For plates and jacks you'll want keystones. I even use keystones for the patch panel. It sucks being stuck on certain endpoints for wiring, especially in a homelab type environment where you sometimes change your mind on stuff and upgrade over the years.
My standard package was to run 1 or more single gang boxes to each room containing 4x wires and use a single gang 4 hole keystone plate. 2x CAT 6 for ethernet, 1x CAT 5e for phone, 1x RG6 for cable TV. Later on you could also use the CAT 5e for ethernet if needed/desired. For media areas like the living room I did a double gang box for 4x CAT 6, as well as extra stuff for HDMI, etc, plus a couple CAT 6 to behind the TV. For normal bedrooms I only did one well placed drop. It's a decent sized 5 bedroom house, but lets face it, bedrooms aren't huge and the need for data there isn't huge. So far, no issues and I've been using the one room as my office with a small switch (couple PCs, couple printers, few test devices). So long as there is TV and eventually network for a computer, my wife and kids are happy. In reality the good wifi is used far more often. I did run a conduit down into the opposite bedroom walls at gang box height up into the attic (2 story house) so that if I needed to I could fish wires from my attic into the rooms and into an old work box as needed. I love conduit, run it anywhere that makes sense! For my master I did run 2x sets of gang boxes since it's a sizable room and there was more than one place I'd consider sticking a TV. I do kinda wish I ran some CAT 6 to over by where my nightstand is so that I could jack in while laying in bed on my laptop, but ohh well..
One smart thing I did was run 12 CAT6 drops from basement utility room to attic. I also ran from attic to several places outside for POE IP cams, 9 in place now, and a Unifi AP AC Pro in the attic. In my basement I'm putting in conduit between my office and utility room and such so I can futureproof those areas that I'll want faster/more later. Add as much conduit to different places as you're able.
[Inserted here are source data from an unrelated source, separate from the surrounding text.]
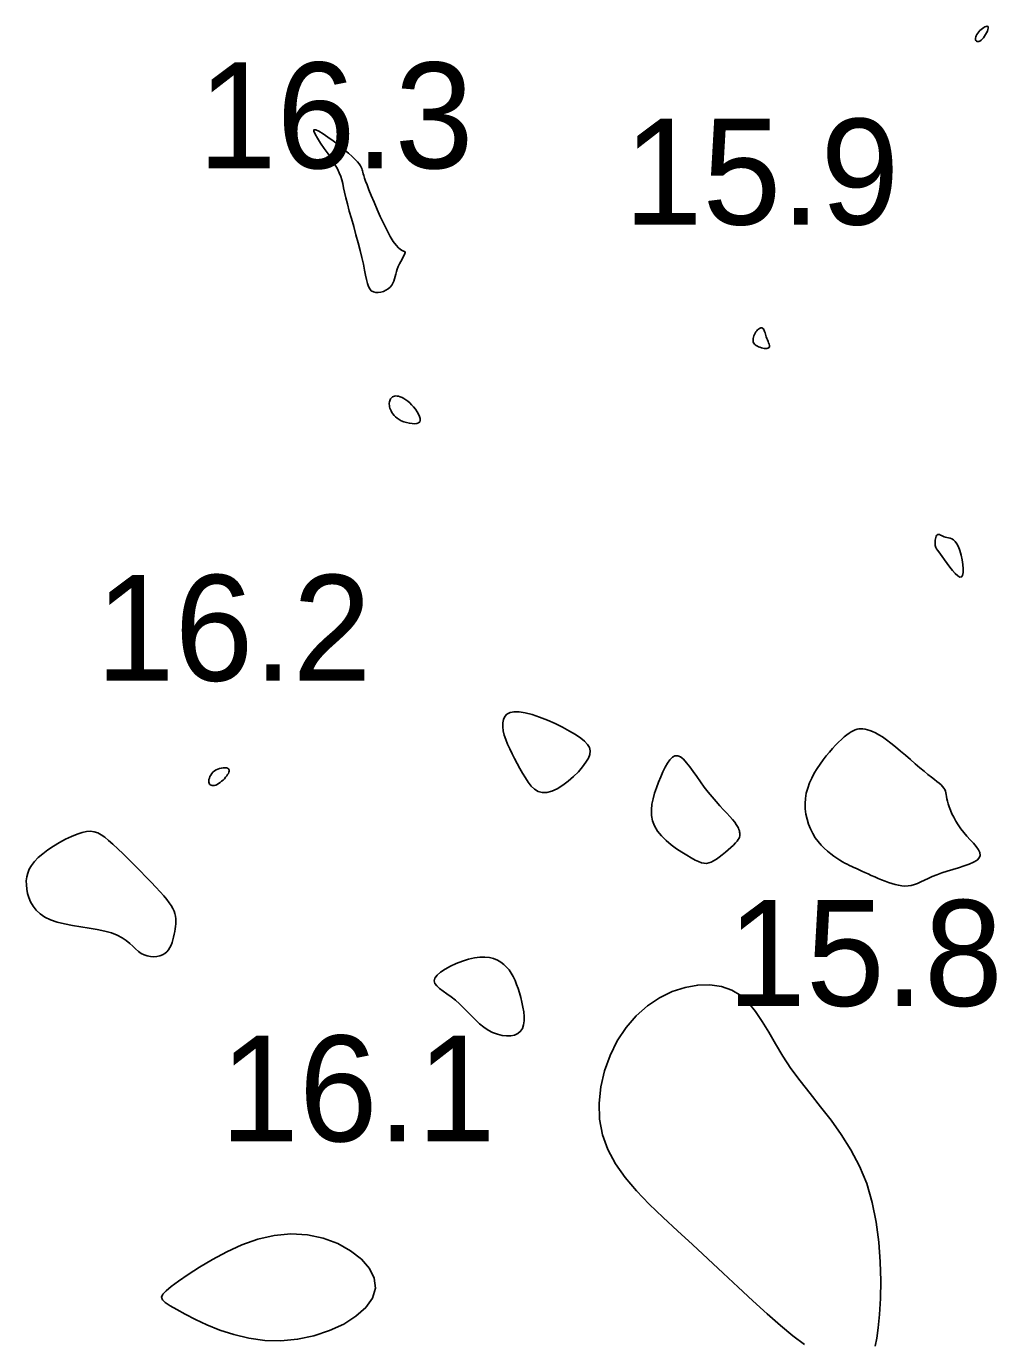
# Model space of a CAD drawing. Extents: x 3040093 to 3056816, y 408076 to 509144.
# Drawn here: x 3045364.6 to 3045410.4, y 434180.6 to 434242.7 of the extents above; entities that cross this region are included whole.
import ezdxf

# ---------------------------------------------------------------- set-up
doc = ezdxf.new("R2010")
doc.units = 0
doc.layers.add('V-CHAN-CONT-EL17', color=7, linetype='Continuous')
doc.layers.add('V-TOPO-SOUN-0610', color=7, linetype='Continuous')

msp = doc.modelspace()

# ---------------------------------------------------------------- linework, layer by layer
at = {"layer": 'V-CHAN-CONT-EL17'}
for points in [[(3045409.709, 434242.548), (3045409.771, 434242.598), (3045409.834, 434242.639), (3045409.894, 434242.672), (3045409.948, 434242.692), (3045409.994, 434242.698), (3045410.028, 434242.688), (3045410.047, 434242.66), (3045410.049, 434242.612), (3045410.035, 434242.549), (3045410.009, 434242.474), (3045409.971, 434242.392), (3045409.925, 434242.308), (3045409.874, 434242.226), (3045409.818, 434242.151), (3045409.762, 434242.087), (3045409.707, 434242.038), (3045409.654, 434242.003), (3045409.605, 434241.983), (3045409.56, 434241.976), (3045409.522, 434241.98), (3045409.489, 434241.995), (3045409.465, 434242.02), (3045409.45, 434242.054), (3045409.444, 434242.096), (3045409.448, 434242.145), (3045409.461, 434242.198), (3045409.483, 434242.255), (3045409.514, 434242.315), (3045409.552, 434242.375), (3045409.597, 434242.435), (3045409.65, 434242.493)], [(3045380.388, 434232.11), (3045380.292, 434232.474), (3045380.188, 434232.853), (3045380.081, 434233.235), (3045379.974, 434233.611), (3045379.873, 434233.971), (3045379.782, 434234.304), (3045379.705, 434234.601), (3045379.646, 434234.855), (3045379.6, 434235.073), (3045379.559, 434235.265), (3045379.516, 434235.44), (3045379.465, 434235.608), (3045379.399, 434235.78), (3045379.31, 434235.964), (3045379.192, 434236.173), (3045379.041, 434236.41), (3045378.869, 434236.666), (3045378.69, 434236.927), (3045378.518, 434237.179), (3045378.37, 434237.407), (3045378.258, 434237.599), (3045378.198, 434237.739), (3045378.204, 434237.813), (3045378.286, 434237.812), (3045378.434, 434237.746), (3045378.633, 434237.626), (3045378.865, 434237.467), (3045379.117, 434237.281), (3045379.373, 434237.083), (3045379.617, 434236.885), (3045379.834, 434236.701), (3045380.012, 434236.541), (3045380.152, 434236.406), (3045380.259, 434236.292), (3045380.338, 434236.195), (3045380.395, 434236.113), (3045380.434, 434236.042), (3045380.46, 434235.98), (3045380.478, 434235.922), (3045380.493, 434235.867), (3045380.509, 434235.806), (3045380.528, 434235.735), (3045380.555, 434235.645), (3045380.592, 434235.531), (3045380.643, 434235.385), (3045380.711, 434235.202), (3045380.799, 434234.974), (3045380.91, 434234.698), (3045381.04, 434234.385), (3045381.184, 434234.05), (3045381.337, 434233.706), (3045381.495, 434233.368), (3045381.653, 434233.051), (3045381.806, 434232.768), (3045381.949, 434232.534), (3045382.079, 434232.36), (3045382.193, 434232.237), (3045382.291, 434232.157), (3045382.372, 434232.108), (3045382.435, 434232.079), (3045382.479, 434232.06), (3045382.504, 434232.04), (3045382.509, 434232.009), (3045382.494, 434231.957), (3045382.462, 434231.887), (3045382.416, 434231.8), (3045382.362, 434231.7), (3045382.303, 434231.59), (3045382.243, 434231.473), (3045382.186, 434231.352), (3045382.137, 434231.229), (3045382.097, 434231.108), (3045382.065, 434230.99), (3045382.036, 434230.875), (3045382.007, 434230.765), (3045381.973, 434230.659), (3045381.93, 434230.558), (3045381.874, 434230.465), (3045381.801, 434230.378), (3045381.709, 434230.299), (3045381.602, 434230.231), (3045381.484, 434230.176), (3045381.36, 434230.138), (3045381.236, 434230.119), (3045381.117, 434230.121), (3045381.007, 434230.149), (3045380.912, 434230.204), (3045380.836, 434230.288), (3045380.776, 434230.404), (3045380.725, 434230.551), (3045380.681, 434230.73), (3045380.638, 434230.94), (3045380.592, 434231.183), (3045380.538, 434231.459), (3045380.471, 434231.768)], [(3045399.156, 434228.358), (3045399.197, 434228.394), (3045399.237, 434228.421), (3045399.276, 434228.44), (3045399.313, 434228.45), (3045399.348, 434228.451), (3045399.38, 434228.444), (3045399.408, 434228.426), (3045399.432, 434228.4), (3045399.452, 434228.365), (3045399.471, 434228.322), (3045399.488, 434228.272), (3045399.505, 434228.216), (3045399.523, 434228.155), (3045399.543, 434228.09), (3045399.566, 434228.022), (3045399.594, 434227.951), (3045399.623, 434227.879), (3045399.652, 434227.808), (3045399.677, 434227.74), (3045399.698, 434227.677), (3045399.71, 434227.619), (3045399.712, 434227.57), (3045399.701, 434227.531), (3045399.675, 434227.503), (3045399.636, 434227.486), (3045399.587, 434227.477), (3045399.53, 434227.477), (3045399.466, 434227.484), (3045399.4, 434227.496), (3045399.332, 434227.514), (3045399.266, 434227.534), (3045399.203, 434227.558), (3045399.145, 434227.584), (3045399.092, 434227.613), (3045399.046, 434227.646), (3045399.007, 434227.683), (3045398.976, 434227.725), (3045398.953, 434227.772), (3045398.941, 434227.824), (3045398.938, 434227.883), (3045398.945, 434227.945), (3045398.96, 434228.011), (3045398.982, 434228.077), (3045399.01, 434228.142), (3045399.042, 434228.204), (3045399.078, 434228.262), (3045399.117, 434228.314)], [(3045381.791, 434224.662), (3045381.775, 434224.726), (3045381.764, 434224.787), (3045381.76, 434224.845), (3045381.761, 434224.901), (3045381.768, 434224.954), (3045381.78, 434225.003), (3045381.797, 434225.05), (3045381.819, 434225.093), (3045381.847, 434225.132), (3045381.879, 434225.166), (3045381.917, 434225.194), (3045381.962, 434225.215), (3045382.012, 434225.23), (3045382.069, 434225.235), (3045382.133, 434225.232), (3045382.203, 434225.219), (3045382.28, 434225.195), (3045382.362, 434225.16), (3045382.449, 434225.115), (3045382.538, 434225.059), (3045382.63, 434224.991), (3045382.723, 434224.912), (3045382.817, 434224.82), (3045382.909, 434224.718), (3045382.997, 434224.607), (3045383.076, 434224.492), (3045383.143, 434224.378), (3045383.192, 434224.269), (3045383.221, 434224.169), (3045383.225, 434224.082), (3045383.2, 434224.012), (3045383.143, 434223.963), (3045383.059, 434223.934), (3045382.955, 434223.923), (3045382.835, 434223.927), (3045382.707, 434223.946), (3045382.575, 434223.976), (3045382.446, 434224.017), (3045382.327, 434224.066), (3045382.221, 434224.122), (3045382.129, 434224.183), (3045382.05, 434224.248), (3045381.984, 434224.316), (3045381.928, 434224.385), (3045381.881, 434224.456), (3045381.844, 434224.526), (3045381.814, 434224.595)], [(3045407.536, 434218.281), (3045407.538, 434218.348), (3045407.546, 434218.417), (3045407.557, 434218.485), (3045407.573, 434218.549), (3045407.593, 434218.606), (3045407.617, 434218.651), (3045407.645, 434218.682), (3045407.676, 434218.696), (3045407.712, 434218.695), (3045407.752, 434218.683), (3045407.796, 434218.663), (3045407.845, 434218.638), (3045407.9, 434218.61), (3045407.959, 434218.584), (3045408.025, 434218.562), (3045408.095, 434218.546), (3045408.17, 434218.531), (3045408.249, 434218.511), (3045408.329, 434218.479), (3045408.409, 434218.43), (3045408.488, 434218.356), (3045408.564, 434218.252), (3045408.637, 434218.11), (3045408.704, 434217.929), (3045408.763, 434217.72), (3045408.811, 434217.496), (3045408.845, 434217.274), (3045408.862, 434217.066), (3045408.86, 434216.889), (3045408.835, 434216.757), (3045408.785, 434216.684), (3045408.708, 434216.681), (3045408.608, 434216.739), (3045408.493, 434216.845), (3045408.367, 434216.986), (3045408.236, 434217.149), (3045408.107, 434217.322), (3045407.985, 434217.491), (3045407.876, 434217.643), (3045407.786, 434217.768), (3045407.713, 434217.868), (3045407.655, 434217.948), (3045407.611, 434218.014), (3045407.579, 434218.068), (3045407.558, 434218.118), (3045407.544, 434218.167), (3045407.538, 434218.22)], [(3045388.177, 434210.268), (3045388.505, 434210.181), (3045388.858, 434210.061), (3045389.225, 434209.916), (3045389.592, 434209.753), (3045389.946, 434209.58), (3045390.273, 434209.404), (3045390.562, 434209.234), (3045390.8, 434209.073), (3045390.987, 434208.921), (3045391.123, 434208.771), (3045391.208, 434208.622), (3045391.242, 434208.467), (3045391.227, 434208.302), (3045391.162, 434208.124), (3045391.049, 434207.928), (3045390.889, 434207.711), (3045390.689, 434207.483), (3045390.46, 434207.255), (3045390.211, 434207.038), (3045389.95, 434206.842), (3045389.688, 434206.679), (3045389.434, 434206.56), (3045389.196, 434206.496), (3045388.982, 434206.494), (3045388.791, 434206.551), (3045388.62, 434206.656), (3045388.464, 434206.804), (3045388.321, 434206.984), (3045388.187, 434207.189), (3045388.058, 434207.411), (3045387.932, 434207.641), (3045387.806, 434207.873), (3045387.681, 434208.104), (3045387.561, 434208.333), (3045387.45, 434208.559), (3045387.349, 434208.781), (3045387.262, 434208.998), (3045387.193, 434209.208), (3045387.143, 434209.411), (3045387.117, 434209.605), (3045387.118, 434209.786), (3045387.149, 434209.948), (3045387.214, 434210.087), (3045387.317, 434210.198), (3045387.462, 434210.277), (3045387.651, 434210.318), (3045387.889, 434210.316)], [(3045402.902, 434203.393), (3045402.758, 434203.491), (3045402.608, 434203.602), (3045402.456, 434203.726), (3045402.303, 434203.864), (3045402.154, 434204.016), (3045402.012, 434204.184), (3045401.879, 434204.367), (3045401.758, 434204.566), (3045401.652, 434204.78), (3045401.561, 434205.005), (3045401.489, 434205.239), (3045401.436, 434205.481), (3045401.405, 434205.727), (3045401.397, 434205.975), (3045401.413, 434206.223), (3045401.456, 434206.469), (3045401.522, 434206.712), (3045401.609, 434206.95), (3045401.714, 434207.183), (3045401.833, 434207.41), (3045401.964, 434207.629), (3045402.103, 434207.84), (3045402.248, 434208.042), (3045402.395, 434208.233), (3045402.544, 434208.414), (3045402.691, 434208.582), (3045402.836, 434208.739), (3045402.978, 434208.881), (3045403.113, 434209.01), (3045403.242, 434209.123), (3045403.362, 434209.221), (3045403.472, 434209.303), (3045403.574, 434209.369), (3045403.67, 434209.421), (3045403.762, 434209.46), (3045403.851, 434209.486), (3045403.941, 434209.501), (3045404.032, 434209.507), (3045404.128, 434209.503), (3045404.229, 434209.491), (3045404.338, 434209.469), (3045404.456, 434209.434), (3045404.585, 434209.384), (3045404.727, 434209.318), (3045404.882, 434209.231), (3045405.054, 434209.123), (3045405.243, 434208.99), (3045405.451, 434208.832), (3045405.672, 434208.654), (3045405.903, 434208.461), (3045406.137, 434208.261), (3045406.371, 434208.059), (3045406.599, 434207.861), (3045406.817, 434207.674), (3045407.018, 434207.505), (3045407.199, 434207.357), (3045407.361, 434207.229), (3045407.503, 434207.118), (3045407.626, 434207.021), (3045407.732, 434206.935), (3045407.82, 434206.857), (3045407.892, 434206.784), (3045407.948, 434206.713), (3045407.99, 434206.641), (3045408.021, 434206.565), (3045408.043, 434206.485), (3045408.061, 434206.399), (3045408.078, 434206.305), (3045408.097, 434206.201), (3045408.122, 434206.086), (3045408.156, 434205.958), (3045408.202, 434205.817), (3045408.261, 434205.663), (3045408.332, 434205.499), (3045408.417, 434205.328), (3045408.515, 434205.151), (3045408.627, 434204.971), (3045408.752, 434204.791), (3045408.891, 434204.613), (3045409.042, 434204.438), (3045409.197, 434204.269), (3045409.345, 434204.105), (3045409.476, 434203.948), (3045409.58, 434203.799), (3045409.646, 434203.659), (3045409.664, 434203.53), (3045409.624, 434203.41), (3045409.519, 434203.303), (3045409.358, 434203.205), (3045409.151, 434203.115), (3045408.91, 434203.03), (3045408.648, 434202.949), (3045408.376, 434202.869), (3045408.106, 434202.788), (3045407.85, 434202.704), (3045407.616, 434202.616), (3045407.404, 434202.527), (3045407.211, 434202.438), (3045407.033, 434202.353), (3045406.868, 434202.274), (3045406.711, 434202.206), (3045406.56, 434202.15), (3045406.412, 434202.11), (3045406.263, 434202.088), (3045406.113, 434202.083), (3045405.961, 434202.092), (3045405.808, 434202.116), (3045405.653, 434202.151), (3045405.497, 434202.196), (3045405.338, 434202.249), (3045405.177, 434202.309), (3045405.013, 434202.373), (3045404.849, 434202.442), (3045404.686, 434202.512), (3045404.525, 434202.583), (3045404.369, 434202.653), (3045404.219, 434202.722), (3045404.076, 434202.787), (3045403.944, 434202.848), (3045403.821, 434202.903), (3045403.707, 434202.955), (3045403.599, 434203.005), (3045403.493, 434203.056), (3045403.387, 434203.109), (3045403.278, 434203.167), (3045403.162, 434203.233), (3045403.038, 434203.308)], [(3045373.237, 434207.046), (3045373.244, 434207.112), (3045373.262, 434207.182), (3045373.289, 434207.254), (3045373.327, 434207.326), (3045373.374, 434207.395), (3045373.432, 434207.46), (3045373.5, 434207.517), (3045373.577, 434207.566), (3045373.661, 434207.605), (3045373.748, 434207.635), (3045373.836, 434207.656), (3045373.92, 434207.668), (3045373.998, 434207.67), (3045374.067, 434207.664), (3045374.123, 434207.649), (3045374.163, 434207.625), (3045374.189, 434207.593), (3045374.2, 434207.554), (3045374.199, 434207.509), (3045374.185, 434207.458), (3045374.16, 434207.403), (3045374.126, 434207.344), (3045374.082, 434207.282), (3045374.03, 434207.218), (3045373.972, 434207.154), (3045373.908, 434207.091), (3045373.841, 434207.031), (3045373.772, 434206.976), (3045373.702, 434206.927), (3045373.633, 434206.886), (3045373.566, 434206.855), (3045373.504, 434206.835), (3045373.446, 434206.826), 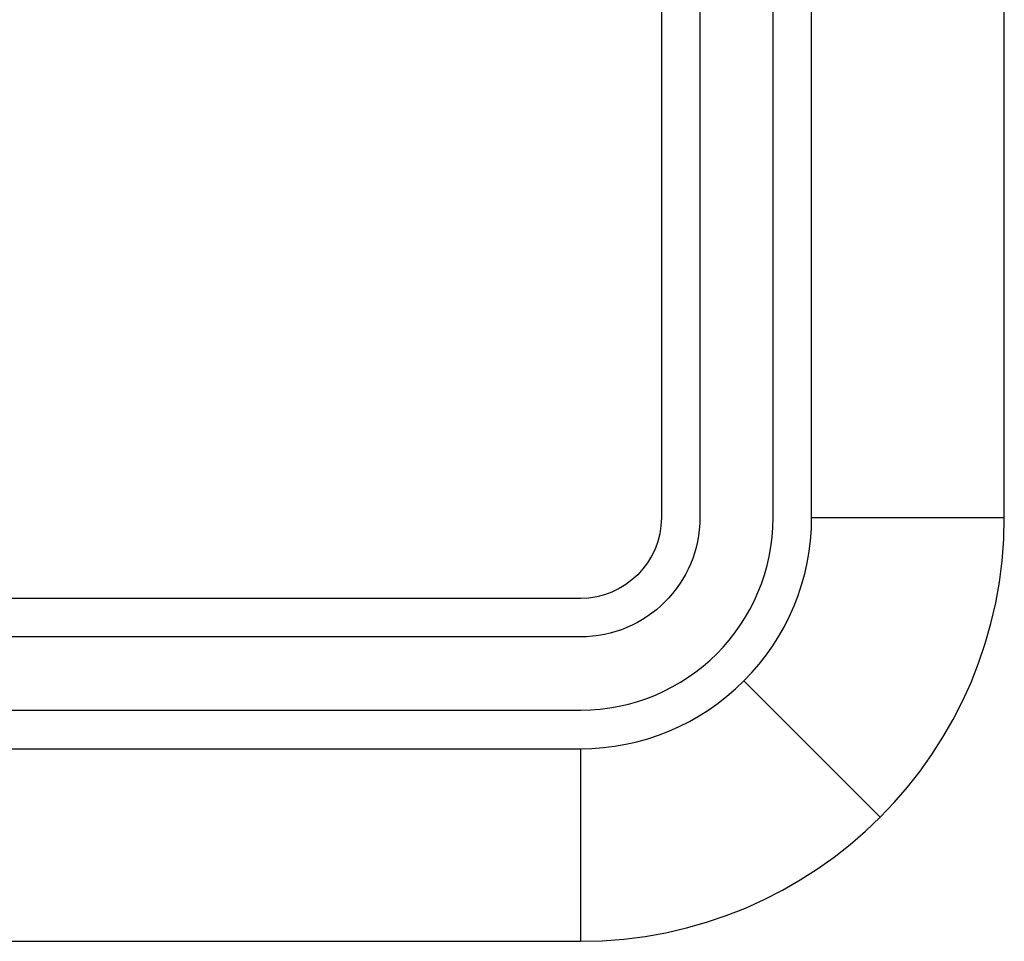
# Model space of a CAD drawing. Header units: inches. Extents: x 220 to 877, y 4 to 174.
# Tile 284 of 656: x 409.12 to 410.4, y 87.75 to 88.95. Entities that reach past the tile are written whole.
import ezdxf
from ezdxf.enums import TextEntityAlignment as Align

# ---------------------------------------------------------------- set-up
doc = ezdxf.new("R2010")
doc.units = ezdxf.units.IN
doc.header["$LTSCALE"] = 0.5
doc.header["$MEASUREMENT"] = 0
doc.layers.add('SID-M-D', color=42, linetype='Continuous')
doc.layers.add('SID-M-S', color=105, linetype='Continuous')
doc.styles.add('PTI', font='romand.shx', dxfattribs={"oblique": 10})

# ---------------------------------------------------------------- blocks, each defined once
blk = doc.blocks.new('*U9')
at = {"layer": 'SID-M-S'}
for p, q in [((0.2499999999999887, 6.661338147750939e-16), (0.2499999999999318, 21.99999999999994)), ((0.3, 6.661338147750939e-16), (0.299999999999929, 21.99999999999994)), ((0.55, 6.661338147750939e-16), (0.549999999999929, 21.99999999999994)), ((0.3, 6.661338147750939e-16), (0.55, 6.661338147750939e-16)), ((0.2121320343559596, -0.2121320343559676), (0.3889087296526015, -0.3889087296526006)), ((-34.00000000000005, -0.2500000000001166), (-1.13242748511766e-14, -0.2499999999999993)), ((-34.00000000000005, -0.3000000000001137), (-1.13242748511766e-14, -0.3)), ((-1.13242748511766e-14, -0.3), (2.886579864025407e-15, -0.55)), ((-34.00000000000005, -0.550000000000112), (2.886579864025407e-15, -0.55))]:
    blk.add_line(p, q, dxfattribs=at)
for centre, radius, start, end in [((0, 0), 0.3, 269.9999999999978, 1.272221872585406e-13), ((-1.143529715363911e-14, 6.661338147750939e-16), 0.25, 270, 0), ((1.110223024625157e-15, -1.110223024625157e-15), 0.5499999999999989, 270.0000000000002, 1.850504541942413e-13)]:
    blk.add_arc(centre, radius, start, end, dxfattribs=at)
blk = doc.blocks.new('JM_TITTLE_BOX_SID')
at = {"layer": 'SID-M-S'}
for points in [[(1.261213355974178e-13, -0.1549984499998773), (-6.499934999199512, -0.1549984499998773, -0.414213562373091), (-6.654933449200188, 1.163513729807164e-13), (-6.654933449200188, 1.416652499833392, -0.4142135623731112), (-6.499934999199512, 1.571650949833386), (1.261213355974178e-13, 1.571650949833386, -0.4142135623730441), (0.1549984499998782, 1.416652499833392), (0.1549984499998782, 1.163513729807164e-13, -0.4142135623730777)], [(1.261213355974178e-13, -0.1049989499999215), (-6.499934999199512, -0.1049989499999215, -0.4142135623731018), (-6.604933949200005, 1.163513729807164e-13), (-6.604933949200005, 1.416652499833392, -0.4142135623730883), (-6.499934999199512, 1.52165144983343), (1.261213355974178e-13, 1.52165144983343, -0.414213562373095), (0.1049989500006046, 1.416652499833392), (0.1049989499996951, 1.163513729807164e-13, -0.414213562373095)]]:
    blk.add_lwpolyline(points, format="xyb", close=True, dxfattribs=at)
at = {"layer": 'SID-M-D', "style": 'PTI', "oblique": 10}
for tag, p in [('CUSTOMER', (-5.990553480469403, 1.371591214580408)), ('DIEDATAINFO', (-2.18746001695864, 1.371591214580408)), ('PARTDESCRIPTION', (-5.966376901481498, 1.169693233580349)), ('00-00-00', (-1.009105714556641, 1.167793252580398)), ('PARTNUMBER', (-5.81595049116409, 0.9696952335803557)), ('REV', (-3.360356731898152, 0.9696952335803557)), ('SCALE', (-2.520436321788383, 0.9677952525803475)), ('SH', (-0.8571950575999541, 0.9677952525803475)), ('SHX', (-0.4057438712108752, 0.9677952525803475)), ('WTD', (-3.839149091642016, 0.7480887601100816)), ('TOOL', (-2.472915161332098, 0.7480887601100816)), ('JOB', (-0.9225366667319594, 0.7480887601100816))]:
    blk.add_attdef(tag, p, '', height=0.09999900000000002, dxfattribs=at)
blk.add_attdef('BUILT', text='', height=0.2499630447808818, dxfattribs=at).set_placement((-2.336101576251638, 0.2076912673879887), align=Align.CENTER)

msp = doc.modelspace()

# ---------------------------------------------------------------- block references
at = {"layer": 'SID-M-D'}
msp.add_blockref('*U9', (409.8517118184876, 88.30166505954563), dxfattribs=at)
at = {"layer": 'SID-M-S'}
msp.add_blockref('JM_TITTLE_BOX_SID', (409.8517118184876, 88.30166505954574), dxfattribs=at)

doc.saveas('drawing.dxf')

I did get stuck for a little bit with over-analysing paralysis on the wiring, then decided simpler is better. I don't think you need to go crazy.. I mean I didn't run anything into my kitchen or laundry or bathrooms or dining room, etc. My master bath is about 180sq/ft and I considered it, but I got to thinking, wtf would I really need wiring in there for? Wall mounted TV or 40G data transfers during my morning poop? Paleezzzze! Basically all the bedrooms, the den, the family room, garage (I do use part of the garage for business). I'm working on finishing my basement now and will have several area of drops in my new office down there (including fiber from the rack), a couple runs in the gameroom side and enough stuff for my media area. My future detached garage shop will get a fiber feed and it's own wiring/VOIP/IP cam stuff, but that's down the road.
Overall I'm pretty happy with what I did and not regretting too much here..
I didn't run any fiber or anything advanced while I had the chance of only having stud walls. I didn't run CAT 6 to my doorbell for something fancy POE there. Small potatoes.
Now onto the wiring.. Sadly a bunch of my CAT 6 wiring wasn't quality. I bought a couple thousand feet online, but after that it was impromptu trips to Lowes for whatever-Lowes-had boxes that didn't have a spline in it, so it's 'maybe' CAT 6 but not quite to spec. So far in the few rooms I've tested it 10G over copper has worked just fine! That's on a 60-100ish foot run, which I'm more than happy with. Most of my runs are aroud there, the attic is maybe 120ish. Personally I'd suggest you just put in quality CAT 6 and call it a day. I don't think I'd value 6A or 7+ in a home environment. The potential noise and interference isn't there and neither are the excessive long runs. If you look at the data, the fancier cables mostly just handle higher speeds at longer distances and such. Is that part of your design specs? The other thing is the difficulty in terminating the fancier cable (can you even do it correctly to spec? At what cost? Shielding/grounding?). It just seems like too much of a hassle for not enough benefit. Plus the fancier connector can cost a bundle more. 2x 3x the price sometimes for the same thing. Lots of 75ish cent CAT 6 keystones online and they always pass my Klein LAN tester and my speed of file transfer seat of the pants tests. I'm happy with that. I'd have no qualms with buying boxes of solid core wire from Monoprice and calling it a day. That's what I'm doing in my basement, with a fiber feed for the fast workstation to server link.
Good luck!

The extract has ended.